Any idea what is the missing option?

In respect to the USB-problem - it is not a hardware item. I think it might be a driver problem which might be solves by 2.6.28 because I could not see it with this kernel (up to now...)

Peter

----------

## pappy_mcfae

I'd go with an older kernel, at least for troubleshooting purposes. You can do a make oldconfig with the old .config under 2.6.27.x. It won't be perfect, but it will move things around so that you would be able to boot, and you'll be able to know whether it's a .config problem, which I doubt, or a kernel problem, which is very likely.

If it turns out things work with the older kernel, then write a bug report.

Blessed be!

Pappy

----------

## stegerpl

Hi Pappy,

That's the reason why I made a copy of the working 2.6.28 kernel before - actually I am again using the 2.6.28 kernel based upon my .config posted Sun Jan 11, 2009 1:42 pm. This works quite well and up to now I even did not have the USB problem (but it is too early to say that this is solved).

I will now analyse the diff (see my last post) between your last .config (I just took out the nvidia_fb) and this working .config. Hopefully I can trace it down to the option which is responsible for the read-only effect. Then we can discuss wether it is a bug (side effect) or just a missing option.

===> do you know what I have to change in order to tweak the kernel-tree so that it will install as a different version ?

===> I want to install it as something like 0.6.28 in order to keep completely seperate from my working 2.6.28 tree

===> especially in respect to the libs which will go to /lib/modules/... during my tests.

+++>  I have found it: just to edit the Makefile - are you aware about any side effects I should take care by doing so?

Anyway thank you very much for your help!!!

Peter

----------

## pappy_mcfae

I edited the makefile once. I didn't accomplish my goal, but I did try it. I was trying to make a super kernel, based on 2.6.22.19 for network stability. It didn't work because I was a bit ham-handed. It came close, until all those errors started  :Neutral: 

Blessed be!

Pappy

----------

## stegerpl

Hi pappy,

I changed the version number in the Makefile and everything worked fine with some minor side-effects which are acceptable for testing:

-) nvidia-drivers do not compile => "...do not support development kernels..."
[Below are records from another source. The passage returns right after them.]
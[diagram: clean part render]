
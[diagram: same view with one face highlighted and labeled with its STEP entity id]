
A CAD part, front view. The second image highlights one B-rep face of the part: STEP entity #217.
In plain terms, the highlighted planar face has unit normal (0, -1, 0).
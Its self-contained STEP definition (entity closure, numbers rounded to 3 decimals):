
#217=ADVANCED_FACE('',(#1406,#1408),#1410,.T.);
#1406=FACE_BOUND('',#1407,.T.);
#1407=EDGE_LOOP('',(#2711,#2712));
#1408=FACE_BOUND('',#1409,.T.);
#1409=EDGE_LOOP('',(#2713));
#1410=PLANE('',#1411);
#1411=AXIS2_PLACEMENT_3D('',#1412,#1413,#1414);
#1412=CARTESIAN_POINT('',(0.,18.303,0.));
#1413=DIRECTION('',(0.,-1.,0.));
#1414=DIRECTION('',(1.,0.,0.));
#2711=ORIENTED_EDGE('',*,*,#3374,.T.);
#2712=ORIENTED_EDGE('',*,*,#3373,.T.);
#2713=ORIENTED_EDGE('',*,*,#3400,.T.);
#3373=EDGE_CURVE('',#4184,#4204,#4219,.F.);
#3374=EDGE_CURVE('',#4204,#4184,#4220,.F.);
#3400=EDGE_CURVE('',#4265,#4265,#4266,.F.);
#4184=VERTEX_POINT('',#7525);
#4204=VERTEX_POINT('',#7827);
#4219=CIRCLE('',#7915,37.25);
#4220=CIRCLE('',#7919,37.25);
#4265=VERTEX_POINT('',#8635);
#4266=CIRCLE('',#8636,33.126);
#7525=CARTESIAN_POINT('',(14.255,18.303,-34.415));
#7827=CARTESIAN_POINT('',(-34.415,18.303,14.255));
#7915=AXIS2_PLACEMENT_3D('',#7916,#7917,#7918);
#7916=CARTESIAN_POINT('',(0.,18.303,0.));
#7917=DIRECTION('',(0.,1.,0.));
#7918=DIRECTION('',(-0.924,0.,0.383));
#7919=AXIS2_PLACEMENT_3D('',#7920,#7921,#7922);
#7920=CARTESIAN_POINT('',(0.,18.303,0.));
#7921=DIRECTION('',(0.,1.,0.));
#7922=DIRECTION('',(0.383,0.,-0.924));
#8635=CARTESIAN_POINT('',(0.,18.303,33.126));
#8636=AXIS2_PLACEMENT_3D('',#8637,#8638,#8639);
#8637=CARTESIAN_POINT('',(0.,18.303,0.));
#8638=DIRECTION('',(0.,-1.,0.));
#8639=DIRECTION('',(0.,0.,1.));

-) alsa-driver do not compile => complains also about the version number

-) vmware-modules do not compile => complains also about the version number too

I think as long as I compile only the kernel there will not be any side-effects. But If I am compiling something else, the config-procedure will check about the kernel-version and then it depends what the programmer took into consideration.

Testing is going on...

Peter

----------

## pappy_mcfae

Sounds like you're having all kinds of fun. That's what this is all about.

Blessed be!

Pappy

----------

## stegerpl

Hi pappy

I found it - the crutial option was:

   Filesystems --> pseudo filesystems --> virtual memory file systems support (fromer shm fs)

Without this option enabled the kernel will not be able to mount the root-filesystem read/write as describes in my first post.

Now everything is ready for further optimizations...

Peter

----------

## pappy_mcfae

Yeah, that's fairly important. Glad you got it sorted out. 

Happy Gentooing!

Blessed be!

Pappy

----------

## stegerpl

Hi,

I think I have also fixed the problem with the keyboard/mouse => it seemed to be the USB_SERIAL_GENERIC + USB_SERIAL in combination with my microsoft wireless keyboard and my logitech track man wheel mouse (both connected by USB ports).

I had also a short "beep" at the X-login. After I disabled these two options the beep was gone and the mouse/keyboard worked fine again.

I thought I would need it for my USB-Parallel cable adaptor, but I found that this one needs only PARPORT enabled...

Peter

----------

## pappy_mcfae

I love it when folks start really digging into setting up their systems. It's what I love most about Gentoo.

Blessed be!

Pappy

----------